Anatomical benefit from ranibizumab treatment of predominantly classic neovascular age-related macular degeneration in the 2-year anchor study.

PubMed ID: 20924261

Author(s): Sadda SR, Stoller G, Boyer DS, Blodi BA, Shapiro H, Ianchulev T. Anatomical benefit from ranibizumab treatment of predominantly classic neovascular age-related macular degeneration in the 2-year anchor study. Retina. 2010 Oct;30(9):1390-9. doi: 10.1097/IAE.0b013e3181e44599. PMID 20924261

Journal: Retina (Philadelphia, Pa.), Volume 30, Issue 9, Oct 2010

PURPOSE To compare lesion anatomical responses to ranibizumab versus verteporfin photodynamic therapy (PDT) in the ANCHOR (Anti-VEGF Antibody for the Treatment of Predominantly Classic Choroidal Neovascularization [CNV] in Age-Related Macular Degeneration) study.

METHODS In this 2-year, Phase III, randomized, multicenter, double-masked trial, 423 patients received ranibizumab (0.3 or 0.5 mg) monthly + sham PDT or PDT + monthly sham injection. Photodynamic therapy (or sham PDT) was administered at Day 0 and then quarterly as needed. A central reading center assessed fundus photography and fluorescein angiography images. A subset (n = 61) had optical coherence tomography assessments. Main outcome measures included mean change from baseline at Months 12 and 24 for area of classic CNV and total area of leakage from CNV.

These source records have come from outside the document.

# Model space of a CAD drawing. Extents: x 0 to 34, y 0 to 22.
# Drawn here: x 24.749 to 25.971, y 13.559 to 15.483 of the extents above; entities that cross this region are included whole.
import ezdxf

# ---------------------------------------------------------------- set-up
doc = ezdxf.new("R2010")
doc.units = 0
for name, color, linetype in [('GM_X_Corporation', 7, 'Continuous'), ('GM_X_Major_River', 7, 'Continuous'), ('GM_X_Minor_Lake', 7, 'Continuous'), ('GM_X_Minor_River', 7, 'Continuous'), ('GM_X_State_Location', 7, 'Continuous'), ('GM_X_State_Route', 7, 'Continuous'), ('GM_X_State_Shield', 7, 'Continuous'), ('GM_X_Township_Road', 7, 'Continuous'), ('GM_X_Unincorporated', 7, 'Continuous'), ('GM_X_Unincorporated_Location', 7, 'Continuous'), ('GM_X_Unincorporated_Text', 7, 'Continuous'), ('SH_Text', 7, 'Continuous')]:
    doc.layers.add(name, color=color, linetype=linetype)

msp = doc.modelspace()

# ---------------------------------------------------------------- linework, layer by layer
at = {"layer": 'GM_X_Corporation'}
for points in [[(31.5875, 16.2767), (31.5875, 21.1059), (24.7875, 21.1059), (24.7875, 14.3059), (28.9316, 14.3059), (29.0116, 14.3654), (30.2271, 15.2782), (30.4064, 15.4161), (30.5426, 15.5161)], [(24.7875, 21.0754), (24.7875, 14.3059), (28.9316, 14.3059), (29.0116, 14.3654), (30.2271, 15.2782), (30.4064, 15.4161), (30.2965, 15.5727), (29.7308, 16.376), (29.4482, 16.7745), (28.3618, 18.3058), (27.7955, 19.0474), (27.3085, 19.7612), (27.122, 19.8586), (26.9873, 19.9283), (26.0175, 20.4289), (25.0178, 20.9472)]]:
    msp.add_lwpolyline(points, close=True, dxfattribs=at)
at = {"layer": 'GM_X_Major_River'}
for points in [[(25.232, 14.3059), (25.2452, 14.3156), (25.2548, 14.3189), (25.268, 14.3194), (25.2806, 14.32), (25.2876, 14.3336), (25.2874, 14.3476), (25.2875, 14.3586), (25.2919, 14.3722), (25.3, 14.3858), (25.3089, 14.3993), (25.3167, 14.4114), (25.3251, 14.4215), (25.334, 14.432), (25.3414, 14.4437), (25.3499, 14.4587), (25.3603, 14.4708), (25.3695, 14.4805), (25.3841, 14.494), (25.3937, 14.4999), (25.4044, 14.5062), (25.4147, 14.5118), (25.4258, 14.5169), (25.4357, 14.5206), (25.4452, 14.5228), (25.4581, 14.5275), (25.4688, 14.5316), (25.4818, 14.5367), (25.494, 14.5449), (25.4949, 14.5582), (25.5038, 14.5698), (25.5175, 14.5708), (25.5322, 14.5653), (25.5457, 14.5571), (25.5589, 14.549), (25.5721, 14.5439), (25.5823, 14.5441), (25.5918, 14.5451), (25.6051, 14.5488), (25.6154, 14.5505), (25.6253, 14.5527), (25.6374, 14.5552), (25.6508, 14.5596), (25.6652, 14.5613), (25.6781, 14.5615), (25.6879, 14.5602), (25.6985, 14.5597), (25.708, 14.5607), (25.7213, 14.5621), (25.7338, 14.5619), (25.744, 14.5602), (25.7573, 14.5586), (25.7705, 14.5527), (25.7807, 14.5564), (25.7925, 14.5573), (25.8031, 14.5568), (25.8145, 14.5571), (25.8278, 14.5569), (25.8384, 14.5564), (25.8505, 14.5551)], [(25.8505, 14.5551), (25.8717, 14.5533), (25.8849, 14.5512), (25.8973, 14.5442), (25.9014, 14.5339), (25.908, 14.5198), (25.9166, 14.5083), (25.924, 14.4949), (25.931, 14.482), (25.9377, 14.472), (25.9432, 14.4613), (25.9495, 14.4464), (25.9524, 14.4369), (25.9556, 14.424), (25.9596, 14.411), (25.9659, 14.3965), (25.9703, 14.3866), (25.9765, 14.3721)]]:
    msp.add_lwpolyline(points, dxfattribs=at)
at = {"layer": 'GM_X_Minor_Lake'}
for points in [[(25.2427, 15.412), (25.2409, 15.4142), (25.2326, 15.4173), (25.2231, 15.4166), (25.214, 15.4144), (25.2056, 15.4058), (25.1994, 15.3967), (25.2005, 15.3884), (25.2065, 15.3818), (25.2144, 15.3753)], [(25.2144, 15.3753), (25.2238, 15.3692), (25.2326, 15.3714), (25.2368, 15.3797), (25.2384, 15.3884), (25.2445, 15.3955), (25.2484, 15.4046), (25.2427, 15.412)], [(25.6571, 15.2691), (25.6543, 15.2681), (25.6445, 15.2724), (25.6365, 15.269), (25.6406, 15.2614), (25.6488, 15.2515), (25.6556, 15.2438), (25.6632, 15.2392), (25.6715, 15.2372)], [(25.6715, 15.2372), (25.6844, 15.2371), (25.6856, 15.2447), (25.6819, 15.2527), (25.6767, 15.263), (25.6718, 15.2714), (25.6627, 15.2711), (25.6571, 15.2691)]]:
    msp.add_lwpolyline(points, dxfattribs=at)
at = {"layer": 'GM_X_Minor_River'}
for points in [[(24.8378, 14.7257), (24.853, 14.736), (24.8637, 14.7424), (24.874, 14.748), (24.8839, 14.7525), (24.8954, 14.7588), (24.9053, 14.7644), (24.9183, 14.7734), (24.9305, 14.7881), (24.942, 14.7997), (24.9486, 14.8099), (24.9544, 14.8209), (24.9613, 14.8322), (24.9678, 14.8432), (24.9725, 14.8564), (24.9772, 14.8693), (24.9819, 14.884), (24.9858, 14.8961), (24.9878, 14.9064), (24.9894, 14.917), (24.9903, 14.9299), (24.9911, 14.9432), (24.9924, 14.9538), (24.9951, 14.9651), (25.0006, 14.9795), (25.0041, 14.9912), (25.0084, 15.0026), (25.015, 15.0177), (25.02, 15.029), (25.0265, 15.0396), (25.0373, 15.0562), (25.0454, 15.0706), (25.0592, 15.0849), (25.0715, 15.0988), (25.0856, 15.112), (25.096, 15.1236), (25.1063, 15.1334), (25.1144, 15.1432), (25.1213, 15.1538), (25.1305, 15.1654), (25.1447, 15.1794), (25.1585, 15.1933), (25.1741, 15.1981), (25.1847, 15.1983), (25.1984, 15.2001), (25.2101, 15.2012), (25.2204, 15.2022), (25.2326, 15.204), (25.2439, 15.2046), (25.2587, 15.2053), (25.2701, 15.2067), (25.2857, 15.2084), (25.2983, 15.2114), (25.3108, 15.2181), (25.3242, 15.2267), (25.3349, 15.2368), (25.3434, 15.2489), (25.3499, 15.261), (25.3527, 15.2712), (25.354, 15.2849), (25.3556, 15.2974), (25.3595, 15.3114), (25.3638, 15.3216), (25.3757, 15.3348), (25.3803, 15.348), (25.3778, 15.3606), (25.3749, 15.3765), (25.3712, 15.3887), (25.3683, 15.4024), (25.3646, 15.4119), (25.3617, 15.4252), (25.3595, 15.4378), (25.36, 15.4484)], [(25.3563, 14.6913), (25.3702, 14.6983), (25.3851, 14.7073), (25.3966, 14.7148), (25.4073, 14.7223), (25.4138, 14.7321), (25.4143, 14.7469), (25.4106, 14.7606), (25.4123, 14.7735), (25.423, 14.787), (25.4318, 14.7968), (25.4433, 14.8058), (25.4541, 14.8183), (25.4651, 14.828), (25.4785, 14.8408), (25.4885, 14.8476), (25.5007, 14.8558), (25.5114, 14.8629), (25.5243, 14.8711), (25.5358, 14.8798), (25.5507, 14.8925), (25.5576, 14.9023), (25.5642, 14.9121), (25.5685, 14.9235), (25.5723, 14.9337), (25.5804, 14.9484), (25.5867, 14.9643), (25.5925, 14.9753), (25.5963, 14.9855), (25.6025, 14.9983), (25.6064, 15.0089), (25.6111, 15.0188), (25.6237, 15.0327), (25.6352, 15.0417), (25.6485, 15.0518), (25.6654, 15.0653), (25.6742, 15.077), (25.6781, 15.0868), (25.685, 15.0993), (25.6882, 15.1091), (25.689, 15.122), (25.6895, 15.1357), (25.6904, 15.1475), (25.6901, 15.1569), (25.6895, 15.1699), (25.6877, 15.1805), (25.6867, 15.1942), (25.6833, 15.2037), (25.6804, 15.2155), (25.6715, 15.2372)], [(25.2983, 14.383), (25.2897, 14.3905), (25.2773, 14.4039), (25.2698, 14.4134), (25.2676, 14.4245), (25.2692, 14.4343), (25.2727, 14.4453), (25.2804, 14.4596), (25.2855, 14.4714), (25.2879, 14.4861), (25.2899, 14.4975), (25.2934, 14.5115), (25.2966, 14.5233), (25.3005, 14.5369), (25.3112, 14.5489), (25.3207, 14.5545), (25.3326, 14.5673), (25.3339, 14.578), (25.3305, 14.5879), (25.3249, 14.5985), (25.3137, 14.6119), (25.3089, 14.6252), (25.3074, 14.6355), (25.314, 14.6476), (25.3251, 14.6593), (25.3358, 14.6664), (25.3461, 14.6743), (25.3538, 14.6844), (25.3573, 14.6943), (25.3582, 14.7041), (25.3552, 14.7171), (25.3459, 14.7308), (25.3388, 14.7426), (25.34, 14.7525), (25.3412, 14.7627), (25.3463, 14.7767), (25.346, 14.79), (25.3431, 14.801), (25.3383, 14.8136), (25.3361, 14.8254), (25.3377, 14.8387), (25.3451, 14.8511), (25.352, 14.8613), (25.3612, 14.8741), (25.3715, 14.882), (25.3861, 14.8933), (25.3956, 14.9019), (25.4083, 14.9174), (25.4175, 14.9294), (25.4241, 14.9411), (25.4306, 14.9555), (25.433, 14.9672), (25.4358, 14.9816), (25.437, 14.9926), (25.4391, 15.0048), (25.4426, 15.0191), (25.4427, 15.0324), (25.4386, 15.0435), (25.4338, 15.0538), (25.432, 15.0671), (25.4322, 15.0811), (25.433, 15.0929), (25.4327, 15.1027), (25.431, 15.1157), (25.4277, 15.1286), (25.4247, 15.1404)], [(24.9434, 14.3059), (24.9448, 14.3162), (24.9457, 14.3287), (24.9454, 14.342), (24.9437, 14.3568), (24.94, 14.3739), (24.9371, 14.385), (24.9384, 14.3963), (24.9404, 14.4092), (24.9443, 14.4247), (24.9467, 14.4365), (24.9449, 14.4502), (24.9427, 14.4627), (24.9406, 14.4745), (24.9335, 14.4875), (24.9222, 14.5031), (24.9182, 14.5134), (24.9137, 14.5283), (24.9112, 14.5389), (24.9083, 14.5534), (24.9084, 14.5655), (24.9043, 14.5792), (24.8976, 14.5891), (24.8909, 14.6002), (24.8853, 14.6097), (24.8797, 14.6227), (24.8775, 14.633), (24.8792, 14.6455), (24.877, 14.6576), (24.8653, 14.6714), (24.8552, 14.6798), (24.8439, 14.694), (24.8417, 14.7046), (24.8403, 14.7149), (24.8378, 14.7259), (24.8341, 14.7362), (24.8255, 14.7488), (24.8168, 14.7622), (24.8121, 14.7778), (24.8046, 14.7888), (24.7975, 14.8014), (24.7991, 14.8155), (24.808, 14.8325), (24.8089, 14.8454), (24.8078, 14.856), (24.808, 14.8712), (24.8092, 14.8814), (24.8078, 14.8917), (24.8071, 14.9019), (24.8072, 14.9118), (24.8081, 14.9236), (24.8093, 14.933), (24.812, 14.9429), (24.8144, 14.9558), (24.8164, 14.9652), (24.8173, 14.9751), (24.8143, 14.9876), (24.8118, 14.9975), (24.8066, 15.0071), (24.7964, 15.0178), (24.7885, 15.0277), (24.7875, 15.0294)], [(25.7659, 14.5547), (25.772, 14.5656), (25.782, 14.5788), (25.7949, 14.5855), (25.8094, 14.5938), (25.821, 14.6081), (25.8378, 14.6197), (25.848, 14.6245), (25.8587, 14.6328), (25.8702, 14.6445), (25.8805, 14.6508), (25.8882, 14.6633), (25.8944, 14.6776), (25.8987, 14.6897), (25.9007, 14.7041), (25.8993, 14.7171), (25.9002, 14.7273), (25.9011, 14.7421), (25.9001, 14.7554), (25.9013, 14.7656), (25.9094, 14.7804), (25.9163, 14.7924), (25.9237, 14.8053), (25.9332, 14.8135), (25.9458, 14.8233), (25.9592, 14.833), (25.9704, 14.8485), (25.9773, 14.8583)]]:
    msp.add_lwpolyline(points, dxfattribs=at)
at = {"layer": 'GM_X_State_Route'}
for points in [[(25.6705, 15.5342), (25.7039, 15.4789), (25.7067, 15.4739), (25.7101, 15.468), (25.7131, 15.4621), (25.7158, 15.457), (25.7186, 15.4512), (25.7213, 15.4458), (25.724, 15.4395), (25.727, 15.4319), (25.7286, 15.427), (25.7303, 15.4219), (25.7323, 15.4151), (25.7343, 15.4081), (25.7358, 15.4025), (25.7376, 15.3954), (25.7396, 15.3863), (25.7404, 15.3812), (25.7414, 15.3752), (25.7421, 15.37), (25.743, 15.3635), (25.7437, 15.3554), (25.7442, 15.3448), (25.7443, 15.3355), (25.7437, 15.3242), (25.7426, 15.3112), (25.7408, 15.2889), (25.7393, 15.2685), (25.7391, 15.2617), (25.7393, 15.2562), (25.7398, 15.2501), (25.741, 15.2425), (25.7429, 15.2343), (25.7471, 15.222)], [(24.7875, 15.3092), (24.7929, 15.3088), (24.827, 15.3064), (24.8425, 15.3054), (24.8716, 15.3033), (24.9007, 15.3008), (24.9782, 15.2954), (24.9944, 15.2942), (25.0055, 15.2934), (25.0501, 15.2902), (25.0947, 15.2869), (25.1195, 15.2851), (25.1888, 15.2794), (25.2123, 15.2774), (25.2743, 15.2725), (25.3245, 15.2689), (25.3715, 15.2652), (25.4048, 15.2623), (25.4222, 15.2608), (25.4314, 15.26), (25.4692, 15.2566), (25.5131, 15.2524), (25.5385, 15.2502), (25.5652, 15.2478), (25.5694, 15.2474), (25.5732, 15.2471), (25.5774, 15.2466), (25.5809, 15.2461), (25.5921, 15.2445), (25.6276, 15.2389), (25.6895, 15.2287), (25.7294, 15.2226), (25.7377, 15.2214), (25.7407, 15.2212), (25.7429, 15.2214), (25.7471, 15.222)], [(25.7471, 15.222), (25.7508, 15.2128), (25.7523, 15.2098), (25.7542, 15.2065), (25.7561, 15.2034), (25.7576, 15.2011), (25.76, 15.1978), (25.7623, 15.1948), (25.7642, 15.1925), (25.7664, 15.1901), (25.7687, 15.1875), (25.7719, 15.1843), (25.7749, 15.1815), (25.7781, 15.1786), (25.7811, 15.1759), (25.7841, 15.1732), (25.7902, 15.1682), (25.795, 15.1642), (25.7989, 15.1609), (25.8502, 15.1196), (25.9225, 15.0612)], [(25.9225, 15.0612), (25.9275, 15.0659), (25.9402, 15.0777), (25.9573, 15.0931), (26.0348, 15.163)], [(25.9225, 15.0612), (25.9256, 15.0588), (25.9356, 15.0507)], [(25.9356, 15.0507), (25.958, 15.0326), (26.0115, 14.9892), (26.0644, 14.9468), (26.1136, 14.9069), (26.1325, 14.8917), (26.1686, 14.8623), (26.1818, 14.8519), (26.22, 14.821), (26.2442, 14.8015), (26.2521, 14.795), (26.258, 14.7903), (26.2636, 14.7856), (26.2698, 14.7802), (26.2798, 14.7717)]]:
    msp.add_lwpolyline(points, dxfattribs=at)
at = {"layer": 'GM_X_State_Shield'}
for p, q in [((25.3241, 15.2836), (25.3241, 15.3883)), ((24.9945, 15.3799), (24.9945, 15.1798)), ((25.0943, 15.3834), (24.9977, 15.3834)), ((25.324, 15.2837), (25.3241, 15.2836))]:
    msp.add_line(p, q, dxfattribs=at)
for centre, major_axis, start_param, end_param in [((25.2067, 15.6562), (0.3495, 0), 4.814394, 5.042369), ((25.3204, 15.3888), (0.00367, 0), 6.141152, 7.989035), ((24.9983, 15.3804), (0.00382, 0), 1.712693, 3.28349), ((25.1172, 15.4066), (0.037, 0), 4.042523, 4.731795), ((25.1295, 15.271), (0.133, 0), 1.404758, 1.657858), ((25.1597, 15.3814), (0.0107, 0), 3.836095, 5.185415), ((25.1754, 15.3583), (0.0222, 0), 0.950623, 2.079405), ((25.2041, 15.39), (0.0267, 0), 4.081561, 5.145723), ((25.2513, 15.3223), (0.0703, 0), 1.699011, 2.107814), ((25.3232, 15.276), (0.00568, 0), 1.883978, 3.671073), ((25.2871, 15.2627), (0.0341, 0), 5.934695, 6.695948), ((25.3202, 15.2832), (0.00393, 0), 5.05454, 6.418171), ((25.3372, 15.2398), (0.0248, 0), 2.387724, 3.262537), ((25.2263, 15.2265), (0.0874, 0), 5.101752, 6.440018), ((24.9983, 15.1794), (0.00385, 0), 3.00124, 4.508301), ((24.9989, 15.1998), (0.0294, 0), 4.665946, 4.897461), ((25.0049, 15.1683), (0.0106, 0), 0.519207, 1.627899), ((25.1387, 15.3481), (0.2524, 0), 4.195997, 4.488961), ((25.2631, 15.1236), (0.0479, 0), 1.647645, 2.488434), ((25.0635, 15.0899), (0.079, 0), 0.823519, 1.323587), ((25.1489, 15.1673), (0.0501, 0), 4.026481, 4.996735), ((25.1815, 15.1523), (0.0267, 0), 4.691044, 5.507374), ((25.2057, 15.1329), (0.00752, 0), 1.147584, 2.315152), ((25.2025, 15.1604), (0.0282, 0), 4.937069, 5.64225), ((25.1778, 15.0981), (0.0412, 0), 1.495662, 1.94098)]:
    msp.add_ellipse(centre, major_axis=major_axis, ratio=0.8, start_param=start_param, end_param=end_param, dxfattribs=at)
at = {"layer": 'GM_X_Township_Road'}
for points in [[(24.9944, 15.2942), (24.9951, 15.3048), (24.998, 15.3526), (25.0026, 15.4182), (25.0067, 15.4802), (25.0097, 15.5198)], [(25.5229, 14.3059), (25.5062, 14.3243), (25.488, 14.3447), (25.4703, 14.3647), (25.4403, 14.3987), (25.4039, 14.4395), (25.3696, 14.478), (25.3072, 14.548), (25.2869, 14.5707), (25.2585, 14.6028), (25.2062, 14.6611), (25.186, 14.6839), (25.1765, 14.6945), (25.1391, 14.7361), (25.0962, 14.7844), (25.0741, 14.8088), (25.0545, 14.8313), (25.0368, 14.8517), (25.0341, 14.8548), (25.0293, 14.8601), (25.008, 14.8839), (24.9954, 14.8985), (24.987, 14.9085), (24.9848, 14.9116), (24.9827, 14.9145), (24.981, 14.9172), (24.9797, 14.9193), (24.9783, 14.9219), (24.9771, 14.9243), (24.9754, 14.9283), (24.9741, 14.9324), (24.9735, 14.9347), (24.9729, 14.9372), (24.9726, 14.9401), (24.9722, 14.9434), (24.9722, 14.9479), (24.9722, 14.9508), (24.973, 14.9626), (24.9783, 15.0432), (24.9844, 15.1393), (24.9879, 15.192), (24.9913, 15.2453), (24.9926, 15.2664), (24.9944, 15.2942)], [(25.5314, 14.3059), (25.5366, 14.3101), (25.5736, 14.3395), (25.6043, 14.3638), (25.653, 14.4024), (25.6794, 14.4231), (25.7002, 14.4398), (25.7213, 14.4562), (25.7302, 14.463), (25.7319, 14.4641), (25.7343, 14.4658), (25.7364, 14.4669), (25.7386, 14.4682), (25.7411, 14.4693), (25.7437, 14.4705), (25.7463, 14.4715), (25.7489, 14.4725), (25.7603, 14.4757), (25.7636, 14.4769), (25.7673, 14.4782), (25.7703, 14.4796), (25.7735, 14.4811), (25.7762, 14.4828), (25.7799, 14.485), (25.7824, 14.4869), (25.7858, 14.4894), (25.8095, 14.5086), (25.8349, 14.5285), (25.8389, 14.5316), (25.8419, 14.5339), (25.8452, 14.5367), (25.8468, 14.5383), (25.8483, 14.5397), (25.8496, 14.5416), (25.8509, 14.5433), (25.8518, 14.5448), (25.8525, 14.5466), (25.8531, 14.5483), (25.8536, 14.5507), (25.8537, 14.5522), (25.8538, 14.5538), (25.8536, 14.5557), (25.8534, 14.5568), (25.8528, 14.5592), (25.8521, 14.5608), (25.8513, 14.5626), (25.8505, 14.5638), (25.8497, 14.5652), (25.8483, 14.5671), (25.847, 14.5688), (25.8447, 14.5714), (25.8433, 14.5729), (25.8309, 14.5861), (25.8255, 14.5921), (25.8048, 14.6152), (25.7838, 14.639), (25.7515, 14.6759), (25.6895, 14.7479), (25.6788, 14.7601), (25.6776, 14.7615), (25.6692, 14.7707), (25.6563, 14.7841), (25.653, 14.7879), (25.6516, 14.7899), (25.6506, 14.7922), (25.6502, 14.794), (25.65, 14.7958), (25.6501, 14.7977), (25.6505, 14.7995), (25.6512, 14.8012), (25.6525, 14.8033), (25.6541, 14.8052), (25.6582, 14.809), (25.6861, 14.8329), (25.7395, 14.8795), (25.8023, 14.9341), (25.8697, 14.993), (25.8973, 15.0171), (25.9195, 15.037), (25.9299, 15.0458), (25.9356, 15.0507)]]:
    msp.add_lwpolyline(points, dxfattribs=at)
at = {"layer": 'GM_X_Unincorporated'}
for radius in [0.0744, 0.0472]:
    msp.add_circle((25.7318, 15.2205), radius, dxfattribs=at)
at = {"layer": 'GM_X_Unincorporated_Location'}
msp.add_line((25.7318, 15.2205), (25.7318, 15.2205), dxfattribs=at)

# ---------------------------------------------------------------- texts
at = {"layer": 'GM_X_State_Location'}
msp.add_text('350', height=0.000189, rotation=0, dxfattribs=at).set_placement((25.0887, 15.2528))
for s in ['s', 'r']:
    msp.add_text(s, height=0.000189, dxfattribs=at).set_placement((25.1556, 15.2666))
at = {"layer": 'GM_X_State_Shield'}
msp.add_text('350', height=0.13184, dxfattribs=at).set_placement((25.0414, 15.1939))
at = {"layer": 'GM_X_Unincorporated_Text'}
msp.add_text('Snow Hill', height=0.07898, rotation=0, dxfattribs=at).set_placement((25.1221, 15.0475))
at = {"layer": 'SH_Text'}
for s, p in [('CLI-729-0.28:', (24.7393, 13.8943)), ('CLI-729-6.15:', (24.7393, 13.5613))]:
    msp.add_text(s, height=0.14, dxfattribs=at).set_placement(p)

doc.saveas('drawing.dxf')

RESULTS At Months 12 and 24, ranibizumab was superior to PDT (P < 0.0001) for mean changes from baseline in total area of lesion, CNV area, and total area CNV leakage. Month 12 optical coherence tomographies showed greater center point thickness decrease from baseline with ranibizumab than with PDT (P = 0.0003). Ranibizumab benefits over PDT were evident by 3 months (fluorescein angiography) and 7 days (optical coherence tomography).

CONCLUSION Differences between the PDT and the ranibizumab groups in lesion anatomical outcomes were early, sustained, and favored ranibizumab.